**Instructions to follow:** Among the entries below, find the lines holding "source" and copy them.

**Materials provided:**
★ ★ ★ ★ ★ ★ ★
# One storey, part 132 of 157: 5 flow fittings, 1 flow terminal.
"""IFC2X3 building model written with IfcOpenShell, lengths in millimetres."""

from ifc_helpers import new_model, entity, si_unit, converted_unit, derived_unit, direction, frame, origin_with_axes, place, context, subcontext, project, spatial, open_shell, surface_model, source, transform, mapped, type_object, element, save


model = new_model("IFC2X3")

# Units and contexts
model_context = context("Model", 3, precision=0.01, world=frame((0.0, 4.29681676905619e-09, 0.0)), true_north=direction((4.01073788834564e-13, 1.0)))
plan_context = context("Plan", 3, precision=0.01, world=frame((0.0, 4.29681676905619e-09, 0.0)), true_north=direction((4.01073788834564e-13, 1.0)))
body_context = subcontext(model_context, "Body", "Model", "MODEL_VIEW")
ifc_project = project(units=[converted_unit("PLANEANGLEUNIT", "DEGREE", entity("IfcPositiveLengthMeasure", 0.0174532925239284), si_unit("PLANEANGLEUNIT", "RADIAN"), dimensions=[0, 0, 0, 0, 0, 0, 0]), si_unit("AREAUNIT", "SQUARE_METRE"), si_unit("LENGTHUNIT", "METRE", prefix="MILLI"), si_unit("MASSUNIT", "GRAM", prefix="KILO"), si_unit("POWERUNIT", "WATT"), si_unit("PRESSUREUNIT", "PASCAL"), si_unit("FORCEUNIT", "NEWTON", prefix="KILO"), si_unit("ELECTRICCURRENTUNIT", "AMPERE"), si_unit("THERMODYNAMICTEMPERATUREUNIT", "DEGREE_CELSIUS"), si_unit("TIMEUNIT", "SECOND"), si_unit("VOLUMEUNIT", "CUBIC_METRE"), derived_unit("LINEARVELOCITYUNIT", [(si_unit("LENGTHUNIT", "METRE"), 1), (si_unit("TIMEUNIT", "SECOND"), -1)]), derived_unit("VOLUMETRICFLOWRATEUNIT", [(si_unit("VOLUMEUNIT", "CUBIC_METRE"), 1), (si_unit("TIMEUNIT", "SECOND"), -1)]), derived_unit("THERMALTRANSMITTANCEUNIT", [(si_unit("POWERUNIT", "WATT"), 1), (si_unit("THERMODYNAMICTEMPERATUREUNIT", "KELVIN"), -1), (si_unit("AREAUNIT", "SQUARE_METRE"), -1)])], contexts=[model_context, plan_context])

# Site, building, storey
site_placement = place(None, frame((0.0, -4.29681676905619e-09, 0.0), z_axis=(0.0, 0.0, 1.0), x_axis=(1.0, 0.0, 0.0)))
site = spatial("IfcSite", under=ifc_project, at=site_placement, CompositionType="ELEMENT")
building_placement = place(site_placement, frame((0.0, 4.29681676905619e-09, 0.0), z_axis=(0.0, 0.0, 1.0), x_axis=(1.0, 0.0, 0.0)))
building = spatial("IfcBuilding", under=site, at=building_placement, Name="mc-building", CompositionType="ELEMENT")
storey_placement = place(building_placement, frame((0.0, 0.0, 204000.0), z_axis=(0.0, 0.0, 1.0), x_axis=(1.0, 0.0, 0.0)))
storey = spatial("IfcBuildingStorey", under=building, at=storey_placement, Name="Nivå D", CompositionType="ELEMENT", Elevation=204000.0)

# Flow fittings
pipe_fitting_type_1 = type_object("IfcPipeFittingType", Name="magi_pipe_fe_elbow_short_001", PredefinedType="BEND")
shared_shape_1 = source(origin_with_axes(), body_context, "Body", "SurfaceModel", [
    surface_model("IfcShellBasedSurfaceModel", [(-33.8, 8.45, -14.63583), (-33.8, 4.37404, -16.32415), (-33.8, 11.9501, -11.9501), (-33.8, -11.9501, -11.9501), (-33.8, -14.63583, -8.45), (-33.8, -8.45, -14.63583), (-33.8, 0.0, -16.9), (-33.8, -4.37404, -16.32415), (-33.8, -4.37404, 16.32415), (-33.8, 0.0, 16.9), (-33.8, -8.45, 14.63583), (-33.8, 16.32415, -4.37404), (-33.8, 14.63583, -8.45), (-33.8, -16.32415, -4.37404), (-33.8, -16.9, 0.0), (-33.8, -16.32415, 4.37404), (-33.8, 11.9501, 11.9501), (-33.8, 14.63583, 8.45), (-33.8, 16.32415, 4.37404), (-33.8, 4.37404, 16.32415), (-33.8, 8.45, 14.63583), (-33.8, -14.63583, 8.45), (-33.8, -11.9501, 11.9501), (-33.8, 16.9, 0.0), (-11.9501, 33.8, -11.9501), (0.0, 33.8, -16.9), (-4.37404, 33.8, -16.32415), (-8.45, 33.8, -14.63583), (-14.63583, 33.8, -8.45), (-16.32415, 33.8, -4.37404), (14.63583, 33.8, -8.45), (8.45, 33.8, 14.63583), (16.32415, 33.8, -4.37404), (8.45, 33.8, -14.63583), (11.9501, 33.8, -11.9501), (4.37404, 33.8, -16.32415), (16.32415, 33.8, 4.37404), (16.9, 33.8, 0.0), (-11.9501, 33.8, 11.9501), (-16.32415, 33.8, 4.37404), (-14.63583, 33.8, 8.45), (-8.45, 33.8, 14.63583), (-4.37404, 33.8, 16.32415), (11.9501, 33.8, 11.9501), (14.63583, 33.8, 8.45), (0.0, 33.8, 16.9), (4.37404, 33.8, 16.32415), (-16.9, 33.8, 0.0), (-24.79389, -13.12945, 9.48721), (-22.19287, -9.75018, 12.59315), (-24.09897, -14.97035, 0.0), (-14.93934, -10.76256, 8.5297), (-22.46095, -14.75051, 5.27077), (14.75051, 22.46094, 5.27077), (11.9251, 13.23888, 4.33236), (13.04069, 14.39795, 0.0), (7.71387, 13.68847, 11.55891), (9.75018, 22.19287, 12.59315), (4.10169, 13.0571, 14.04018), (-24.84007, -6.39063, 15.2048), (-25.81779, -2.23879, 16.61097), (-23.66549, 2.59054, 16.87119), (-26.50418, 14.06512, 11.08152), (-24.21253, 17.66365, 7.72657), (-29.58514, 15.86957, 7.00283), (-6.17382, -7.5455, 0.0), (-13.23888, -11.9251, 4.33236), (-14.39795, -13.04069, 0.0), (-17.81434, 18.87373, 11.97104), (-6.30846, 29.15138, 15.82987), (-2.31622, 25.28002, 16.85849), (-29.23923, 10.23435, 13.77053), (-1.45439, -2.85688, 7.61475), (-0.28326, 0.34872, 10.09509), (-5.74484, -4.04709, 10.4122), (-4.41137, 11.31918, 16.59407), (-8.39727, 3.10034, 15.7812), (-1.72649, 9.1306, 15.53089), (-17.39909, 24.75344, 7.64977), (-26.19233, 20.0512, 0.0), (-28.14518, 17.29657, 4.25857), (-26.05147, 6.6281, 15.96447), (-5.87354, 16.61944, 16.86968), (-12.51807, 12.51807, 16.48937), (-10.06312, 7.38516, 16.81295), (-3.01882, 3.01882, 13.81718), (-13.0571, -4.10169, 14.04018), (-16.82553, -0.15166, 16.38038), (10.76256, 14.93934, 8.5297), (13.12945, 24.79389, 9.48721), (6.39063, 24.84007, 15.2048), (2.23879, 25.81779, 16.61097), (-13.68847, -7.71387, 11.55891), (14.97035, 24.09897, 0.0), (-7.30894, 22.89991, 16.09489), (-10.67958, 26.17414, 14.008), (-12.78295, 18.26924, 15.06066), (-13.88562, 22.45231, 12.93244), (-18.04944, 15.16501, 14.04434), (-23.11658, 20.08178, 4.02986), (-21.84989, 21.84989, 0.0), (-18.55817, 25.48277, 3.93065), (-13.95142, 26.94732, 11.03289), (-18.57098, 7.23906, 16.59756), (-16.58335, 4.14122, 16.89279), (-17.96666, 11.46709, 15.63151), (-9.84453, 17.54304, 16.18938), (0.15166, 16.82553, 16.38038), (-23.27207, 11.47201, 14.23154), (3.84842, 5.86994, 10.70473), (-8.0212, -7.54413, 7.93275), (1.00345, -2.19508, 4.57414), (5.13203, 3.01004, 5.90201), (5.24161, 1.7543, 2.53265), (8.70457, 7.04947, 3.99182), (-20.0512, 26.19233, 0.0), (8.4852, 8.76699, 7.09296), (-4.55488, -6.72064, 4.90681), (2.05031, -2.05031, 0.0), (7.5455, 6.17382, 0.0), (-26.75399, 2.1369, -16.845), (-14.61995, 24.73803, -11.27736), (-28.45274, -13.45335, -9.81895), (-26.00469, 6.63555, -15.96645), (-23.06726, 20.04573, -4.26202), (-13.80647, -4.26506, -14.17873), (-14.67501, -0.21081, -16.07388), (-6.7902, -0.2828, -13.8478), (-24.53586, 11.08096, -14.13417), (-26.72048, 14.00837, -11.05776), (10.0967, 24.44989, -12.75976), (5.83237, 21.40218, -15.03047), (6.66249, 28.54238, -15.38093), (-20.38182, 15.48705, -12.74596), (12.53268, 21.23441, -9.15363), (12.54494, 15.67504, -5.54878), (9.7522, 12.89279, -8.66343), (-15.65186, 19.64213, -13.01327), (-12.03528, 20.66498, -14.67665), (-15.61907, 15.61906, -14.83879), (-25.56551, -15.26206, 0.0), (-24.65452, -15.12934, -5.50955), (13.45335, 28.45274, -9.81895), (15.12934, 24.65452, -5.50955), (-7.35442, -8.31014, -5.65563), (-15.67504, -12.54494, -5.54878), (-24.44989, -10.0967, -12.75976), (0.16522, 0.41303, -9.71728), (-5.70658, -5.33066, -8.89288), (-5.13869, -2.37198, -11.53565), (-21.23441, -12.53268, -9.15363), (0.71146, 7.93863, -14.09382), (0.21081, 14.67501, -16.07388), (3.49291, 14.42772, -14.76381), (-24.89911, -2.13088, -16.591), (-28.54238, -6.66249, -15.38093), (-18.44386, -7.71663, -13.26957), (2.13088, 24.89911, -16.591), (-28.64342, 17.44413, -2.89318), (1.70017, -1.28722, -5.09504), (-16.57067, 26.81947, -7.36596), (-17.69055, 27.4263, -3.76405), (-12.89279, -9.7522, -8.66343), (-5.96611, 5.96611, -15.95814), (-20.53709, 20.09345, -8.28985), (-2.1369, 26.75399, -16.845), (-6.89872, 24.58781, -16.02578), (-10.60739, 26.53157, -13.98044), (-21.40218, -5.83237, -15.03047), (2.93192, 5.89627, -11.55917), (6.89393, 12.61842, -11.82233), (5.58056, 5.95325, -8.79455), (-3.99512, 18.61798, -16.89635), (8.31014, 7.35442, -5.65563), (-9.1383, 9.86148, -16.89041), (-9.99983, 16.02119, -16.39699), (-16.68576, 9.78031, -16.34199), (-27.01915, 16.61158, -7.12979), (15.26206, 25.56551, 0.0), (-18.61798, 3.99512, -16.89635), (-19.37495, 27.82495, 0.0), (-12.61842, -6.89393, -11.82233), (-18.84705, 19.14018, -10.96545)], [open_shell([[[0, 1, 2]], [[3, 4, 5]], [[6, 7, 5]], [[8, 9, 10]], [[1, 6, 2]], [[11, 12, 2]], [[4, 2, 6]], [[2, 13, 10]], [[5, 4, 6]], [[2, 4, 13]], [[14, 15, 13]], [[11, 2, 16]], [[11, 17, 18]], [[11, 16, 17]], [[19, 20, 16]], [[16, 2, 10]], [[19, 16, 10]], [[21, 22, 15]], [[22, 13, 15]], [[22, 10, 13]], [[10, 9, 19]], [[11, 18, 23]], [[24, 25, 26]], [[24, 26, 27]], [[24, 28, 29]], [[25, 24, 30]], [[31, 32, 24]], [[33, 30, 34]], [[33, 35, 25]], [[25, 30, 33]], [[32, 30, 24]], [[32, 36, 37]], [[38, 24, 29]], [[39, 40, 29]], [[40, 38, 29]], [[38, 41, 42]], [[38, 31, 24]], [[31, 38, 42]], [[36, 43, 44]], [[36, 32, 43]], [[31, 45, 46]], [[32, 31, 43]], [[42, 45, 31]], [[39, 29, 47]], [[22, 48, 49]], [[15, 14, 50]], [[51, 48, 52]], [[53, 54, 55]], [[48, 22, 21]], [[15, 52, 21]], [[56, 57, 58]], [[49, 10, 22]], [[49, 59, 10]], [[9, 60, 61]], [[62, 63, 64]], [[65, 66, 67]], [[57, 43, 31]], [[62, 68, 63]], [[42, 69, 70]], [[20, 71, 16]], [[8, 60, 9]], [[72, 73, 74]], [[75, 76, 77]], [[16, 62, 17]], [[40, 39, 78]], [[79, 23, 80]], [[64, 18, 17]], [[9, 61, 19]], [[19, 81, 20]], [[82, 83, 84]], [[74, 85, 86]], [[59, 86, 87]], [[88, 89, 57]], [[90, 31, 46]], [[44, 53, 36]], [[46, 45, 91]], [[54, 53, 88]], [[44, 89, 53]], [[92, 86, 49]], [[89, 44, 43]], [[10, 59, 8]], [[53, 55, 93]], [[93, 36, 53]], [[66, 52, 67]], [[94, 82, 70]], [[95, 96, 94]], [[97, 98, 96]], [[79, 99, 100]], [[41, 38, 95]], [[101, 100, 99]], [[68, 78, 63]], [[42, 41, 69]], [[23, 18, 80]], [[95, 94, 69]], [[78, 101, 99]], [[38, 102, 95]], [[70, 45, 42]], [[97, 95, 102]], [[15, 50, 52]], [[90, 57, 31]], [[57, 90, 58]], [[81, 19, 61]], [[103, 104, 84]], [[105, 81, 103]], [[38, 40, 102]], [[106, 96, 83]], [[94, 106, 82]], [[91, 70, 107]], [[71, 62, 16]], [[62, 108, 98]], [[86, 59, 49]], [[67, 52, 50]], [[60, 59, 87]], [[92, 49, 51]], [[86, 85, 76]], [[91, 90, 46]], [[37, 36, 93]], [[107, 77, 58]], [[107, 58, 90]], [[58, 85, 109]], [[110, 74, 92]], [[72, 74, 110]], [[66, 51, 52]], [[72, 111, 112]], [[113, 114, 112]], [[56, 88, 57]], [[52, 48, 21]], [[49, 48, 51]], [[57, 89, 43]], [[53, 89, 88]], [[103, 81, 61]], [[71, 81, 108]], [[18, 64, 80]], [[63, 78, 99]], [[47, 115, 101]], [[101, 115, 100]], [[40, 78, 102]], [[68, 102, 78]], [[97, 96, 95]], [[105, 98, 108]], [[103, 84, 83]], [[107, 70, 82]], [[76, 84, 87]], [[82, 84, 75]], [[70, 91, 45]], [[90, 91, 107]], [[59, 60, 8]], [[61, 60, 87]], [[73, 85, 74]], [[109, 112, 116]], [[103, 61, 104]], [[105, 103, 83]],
★ ★ ★ ★ ★ ★ ★
**Task response:**
from ifc_helpers import new_model, entity, si_unit, converted_unit, derived_unit, direction, frame, origin_with_axes, place, context, subcontext, project, spatial, open_shell, surface_model, source, transform, mapped, type_object, element, save
shared_shape_1 = source(origin_with_axes(), body_context, "Body", "SurfaceModel", [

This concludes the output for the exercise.